YAM HAMELACH (DEAD SEA)

In Hebrew, the Dead Sea is Yām ha-Melaḥ (ים המלח), meaning "sea of salt" (Genesis 14:3). In the Bible, the Dead Sea is called the Salt Sea, the Sea of the Arabah, and the Eastern Sea. The designation "Dead Sea" never appears in the Bible. In prose sometimes the term Yām ha-Māvet (ים המוות, "sea of death") is used, due to the scarcity of aquatic life there.[8]

 

YAD VASHEM

The name "Yad Vashem" is taken from a verse in the Book of Isaiah: Even unto them will I give in mine house and within my walls a place and a name (yad vashem) better than of sons and of daughters: I will give them an everlasting name, that shall not be cut off" (Isaiah 56:5).

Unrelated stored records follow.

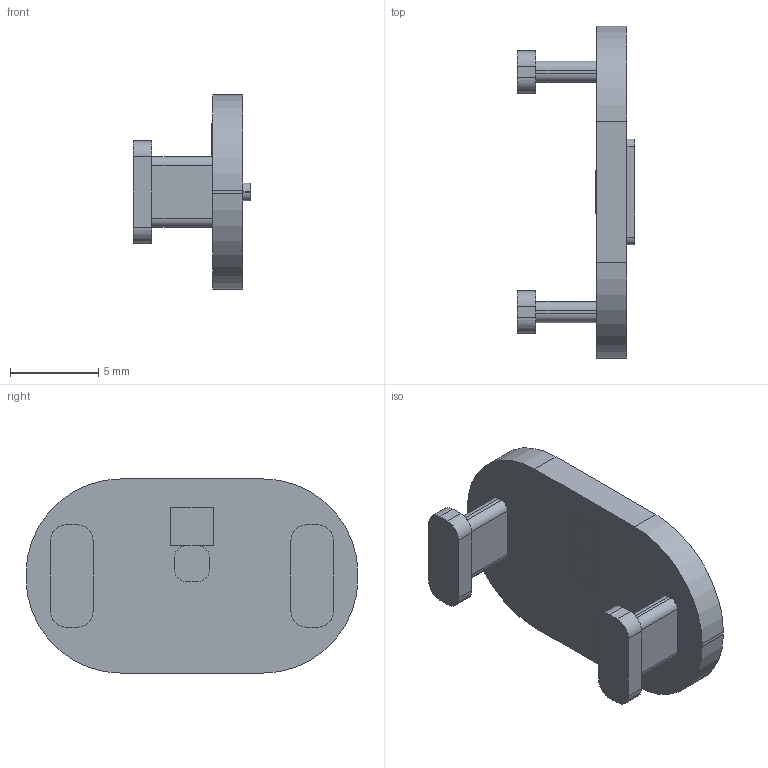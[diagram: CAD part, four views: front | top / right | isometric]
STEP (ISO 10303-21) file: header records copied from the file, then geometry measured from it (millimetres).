
FILE_DESCRIPTION(/* description */ (''),/* implementation_level */ '2;1');
FILE_NAME(/* name */ 'P07.step',/* time_stamp */ '2026-09-14T14:30:37-07:00',/* author */ (''),/* organization */ (''),/* preprocessor_version */ 'ST-DEVELOPER v20.1',/* originating_system */ 'Autodesk Translation Framework v15.8.0.0',/* authorisation */ '');
FILE_SCHEMA (('AUTOMOTIVE_DESIGN { 1 0 10303 214 3 1 1 }'));
Length unit declared in the file: millimetre
Products named in the file (1): 2026-09-14-14-30-37-330
Bounding box: 6.65 x 18.8 x 11 mm (x, y, z)
Volume: 371.3 mm3; surface area: 587.1 mm2
Topology: 1 solids, 1 shells, 68 faces, 180 edges, 120 vertices
Faces by surface type: plane 40, cylinder 28
Entity records: 2153 total; most frequent: DIRECTION 374, CARTESIAN_POINT 369, ORIENTED_EDGE 360, EDGE_CURVE 180, AXIS2_PLACEMENT_3D 125, LINE 124, VECTOR 124, VERTEX_POINT 120
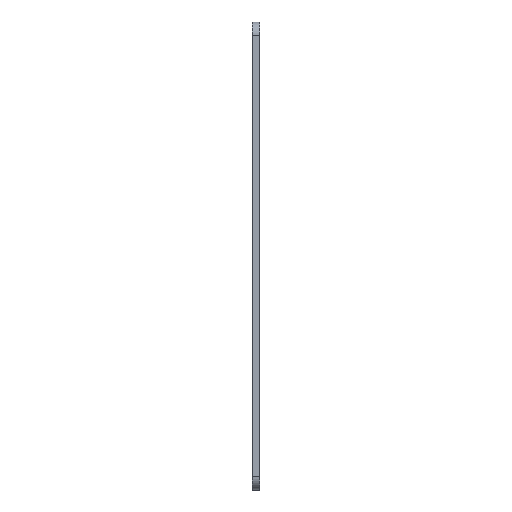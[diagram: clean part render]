
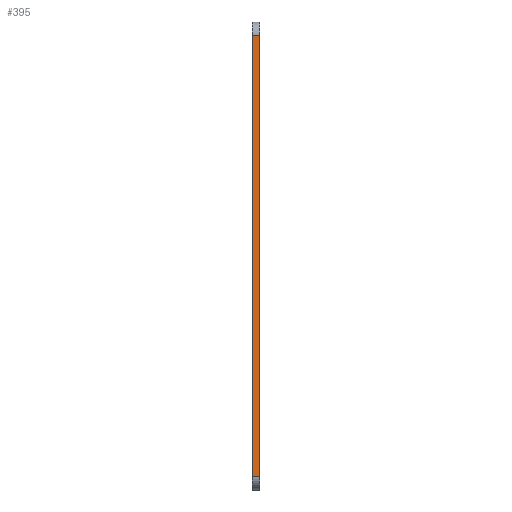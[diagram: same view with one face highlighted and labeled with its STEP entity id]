
A CAD part, left-side view. The second image highlights one B-rep face of the part: STEP entity #395.
In plain terms, the highlighted planar face has unit normal (-1, 0, 0).
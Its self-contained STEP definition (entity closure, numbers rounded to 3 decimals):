
#6 = EDGE_CURVE ( 'NONE', #883, #329, #315, .T. ) ;
#28 = VECTOR ( 'NONE', #644, 1000. ) ;
#30 = DIRECTION ( 'NONE',  ( 0., 0., 1. ) ) ;
#46 = EDGE_CURVE ( 'NONE', #507, #883, #119, .T. ) ;
#52 = EDGE_LOOP ( 'NONE', ( #382, #805, #124, #566 ) ) ;
#82 = CARTESIAN_POINT ( 'NONE',  ( -12.825, 0., 114.404 ) ) ;
#113 = LINE ( 'NONE', #785, #28 ) ;
#119 = LINE ( 'NONE', #821, #173 ) ;
#124 = ORIENTED_EDGE ( 'NONE', *, *, #793, .T. ) ;
#162 = EDGE_CURVE ( 'NONE', #701, #329, #393, .T. ) ;
#173 = VECTOR ( 'NONE', #266, 1000. ) ;
#266 = DIRECTION ( 'NONE',  ( 0., -1., 0. ) ) ;
#303 = VECTOR ( 'NONE', #679, 1000. ) ;
#309 = AXIS2_PLACEMENT_3D ( 'NONE', #853, #415, #30 ) ;
#315 = LINE ( 'NONE', #820, #303 ) ;
#316 = FACE_OUTER_BOUND ( 'NONE', #52, .T. ) ;
#329 = VERTEX_POINT ( 'NONE', #402 ) ;
#346 = PLANE ( 'NONE',  #309 ) ;
#382 = ORIENTED_EDGE ( 'NONE', *, *, #6, .F. ) ;
#393 = LINE ( 'NONE', #411, #568 ) ;
#395 = ADVANCED_FACE ( 'NONE', ( #316 ), #346, .T. ) ;
#402 = CARTESIAN_POINT ( 'NONE',  ( -12.825, 0., -9.053 ) ) ;
#411 = CARTESIAN_POINT ( 'NONE',  ( -12.825, 2., -9.053 ) ) ;
#415 = DIRECTION ( 'NONE',  ( -1., 0., 0. ) ) ;
#471 = CARTESIAN_POINT ( 'NONE',  ( -12.825, 2., 114.404 ) ) ;
#507 = VERTEX_POINT ( 'NONE', #471 ) ;
#553 = CARTESIAN_POINT ( 'NONE',  ( -12.825, 2., -9.053 ) ) ;
#566 = ORIENTED_EDGE ( 'NONE', *, *, #162, .T. ) ;
#568 = VECTOR ( 'NONE', #845, 1000. ) ;
#644 = DIRECTION ( 'NONE',  ( 0., 0., -1. ) ) ;
#679 = DIRECTION ( 'NONE',  ( 0., 0., -1. ) ) ;
#701 = VERTEX_POINT ( 'NONE', #553 ) ;
#785 = CARTESIAN_POINT ( 'NONE',  ( -12.825, 2., 114.404 ) ) ;
#793 = EDGE_CURVE ( 'NONE', #507, #701, #113, .T. ) ;
#805 = ORIENTED_EDGE ( 'NONE', *, *, #46, .F. ) ;
#820 = CARTESIAN_POINT ( 'NONE',  ( -12.825, 0., 114.404 ) ) ;
#821 = CARTESIAN_POINT ( 'NONE',  ( -12.825, 2., 114.404 ) ) ;
#845 = DIRECTION ( 'NONE',  ( 0., -1., 0. ) ) ;
#853 = CARTESIAN_POINT ( 'NONE',  ( -12.825, 2., 114.404 ) ) ;
#883 = VERTEX_POINT ( 'NONE', #82 ) ;

Naming the Holocaust memorial "yad vashem" conveys the idea of establishing a national depository for the names of Jewish victims who have no one to carry their name after death.[1]

 

HAIFA

The ultimate origin of the name Haifa remains unclear. One theory holds it derives from the name of the high priest Caiaphas. Some Christians believe it was named for Saint Peter, whose Aramaic name was Keiphah.[17] Another theory holds it could be derived from the Hebrew verb root חפה (hafa), meaning to cover or shield, i.e. Mount Carmel covers Haifa;[17] others point to a possible origin in the Hebrew word חוֹף (hof), meaning shore, or חוֹף יָפֶה (hof yafe), meaning beautiful shore.[17][18]